Slotreflectie zonder simplisme Wiet en bredere cannabisproducten zijn geen universele vervangers voor opioïden, maar ze vormen in bepaalde gevallen een bruikbaar onderdeel van een multimodale aanpak. Ze kunnen pijn verlichten, opioïdgebruik verminderen en kwaliteit van leven verbeteren bij geselecteerde patiënten, mits zorgvuldig toegepast. Tegelijkertijd zijn er duidelijke risico's en lacunes in kennis. Voor diegenen die dit pad bewandelen, gelden voorzichtigheid, duidelijke doelen en monitoring. Een patiënt die onder begeleiding een matige reductie van opioïden bereikt en meer functioneert, heeft een concreet en waardevol resultaat — maar hetzelfde traject kan bij iemand anders leiden tot weinig effect en nieuwe problemen. Dat onvoorspelbare element vraagt om bescheidenheid en maatwerk in klinische besluitvorming.

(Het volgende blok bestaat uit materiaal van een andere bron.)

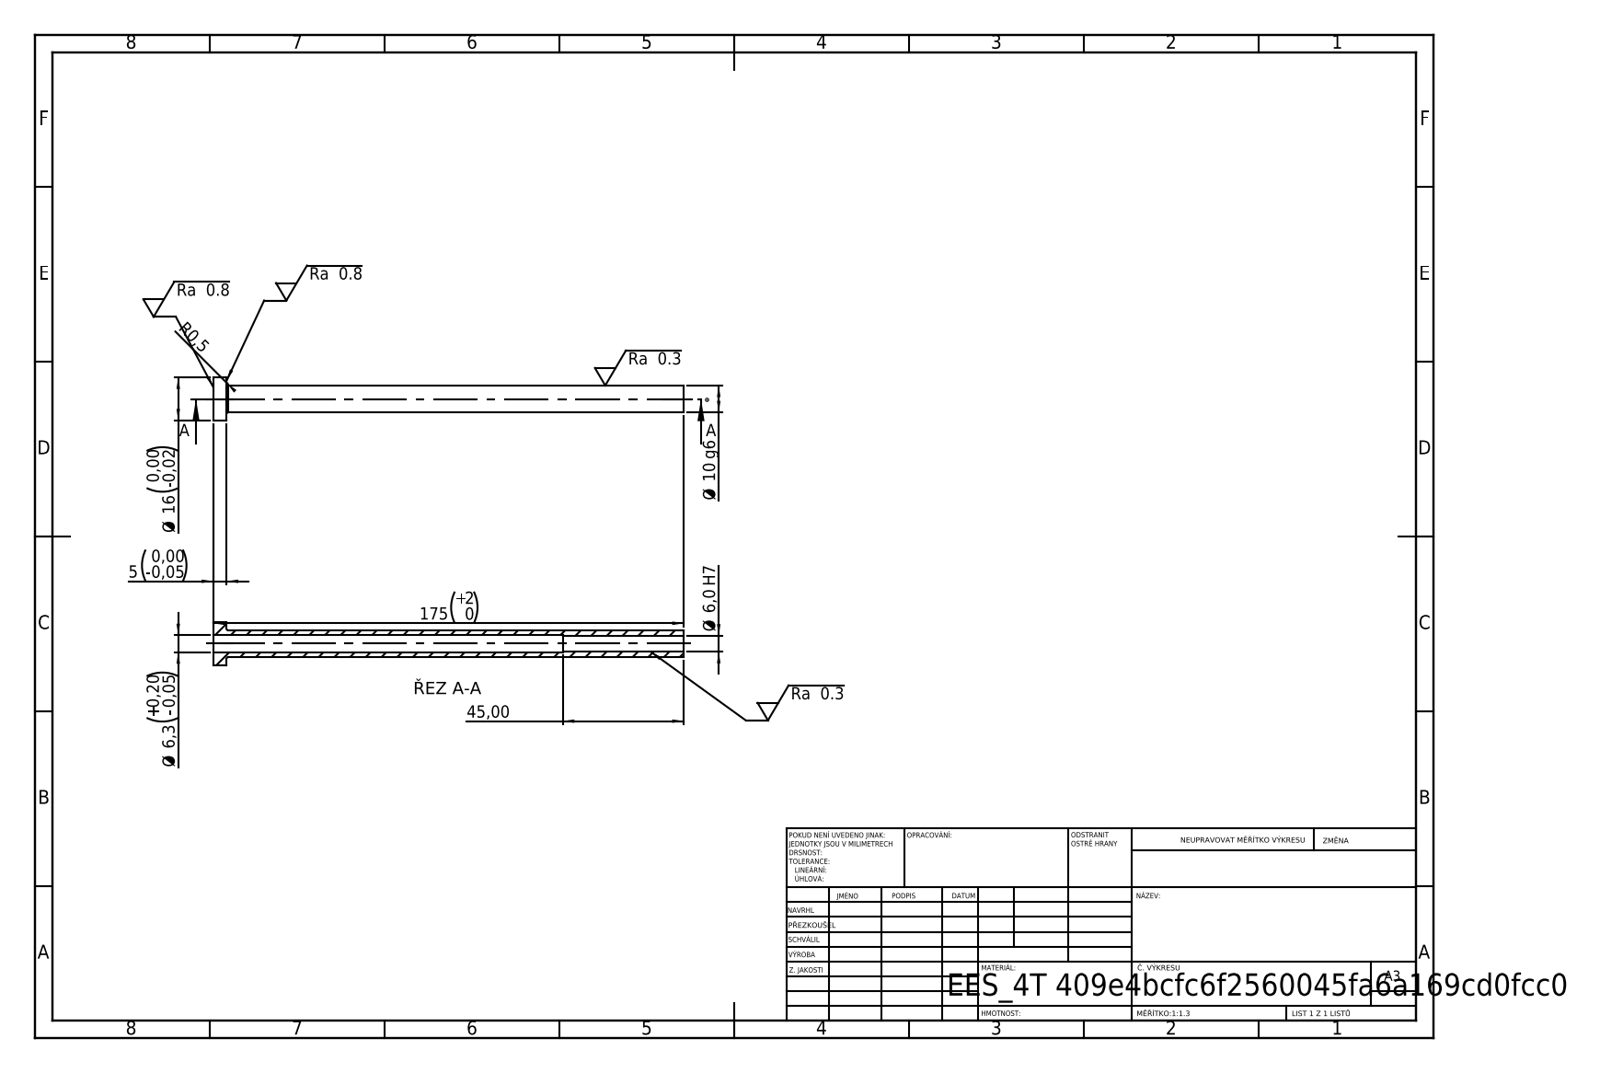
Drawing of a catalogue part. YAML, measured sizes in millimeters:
step_written_by: "SolidWorks 2019 (CONFIG_CONTROL_DESIGN)"
units: millimeters
bodies: {solids: 1, faces: 14, planar: 4, cylindrical: 8, other: 2}
overall_size: [175, 16, 16]
volume: 9034
surface_area: 9352
round_holes:
  - {diameter: 6, count: 1}
  - {diameter: 6.3, count: 1}
round_bosses_or_shafts:
  - {diameter: 16, count: 1}
  - {diameter: 10, count: 1}
face_to_face_distances: [5, 175, 170, 130, 125, 45]
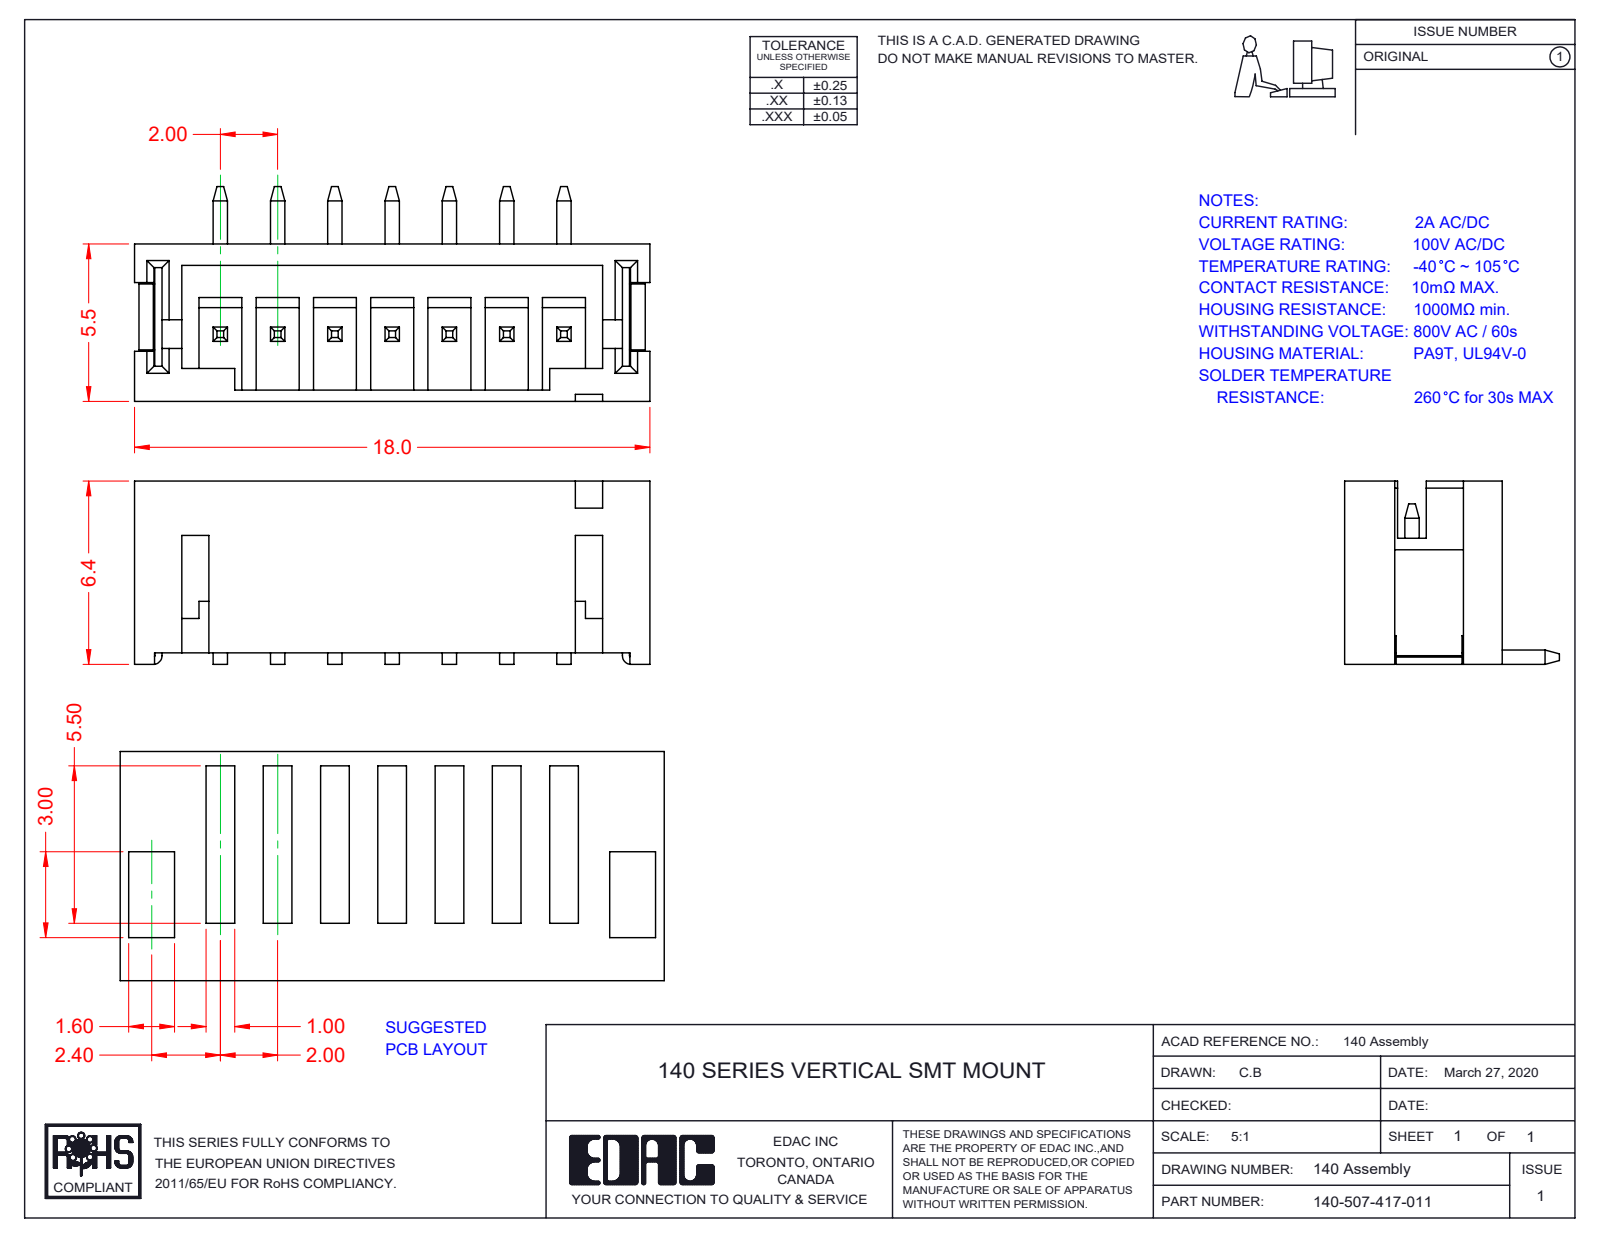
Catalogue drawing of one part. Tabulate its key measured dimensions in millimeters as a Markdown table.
| quantity | value |
| --- | --- |
| part name | V SMT Contact; 140-507-417-011; V SMT Pad; V SMT Housing_507 |
| STEP written by | SolidWorks 2016 (CONFIG_CONTROL_DESIGN) |
| units | millimeters |
| bodies | 10 solids, 366 faces (348 planar, 18 cylindrical, 0 other) |
| overall size | 18 × 7.5 × 6.4 |
| volume | 274 mm³ |
| surface area | 985 mm² |
| partial cylindrical surfaces (radius × count) | 0.3 × 2, 0.55 × 1 |
| main face-to-face distances | 5.5, 0.75, 4.75, 0.5, 0.4, 4.35, 5.1, 0.6, 6, 2 |

Bibliografische noten Dit stuk baseert zich op een mix van klinische observaties, systematische reviews en beleidsrapporten die ruis en nuance in het veld beschrijven. Voor specifieke onderzoeken en richtlijnen verwijs ik naar recente systematische reviews en lokale medische richtlijnen, omdat individuele RCT's en epidemiologische studies elkaar soms contrasteren en plaatsgebonden aanbevelingen variëren.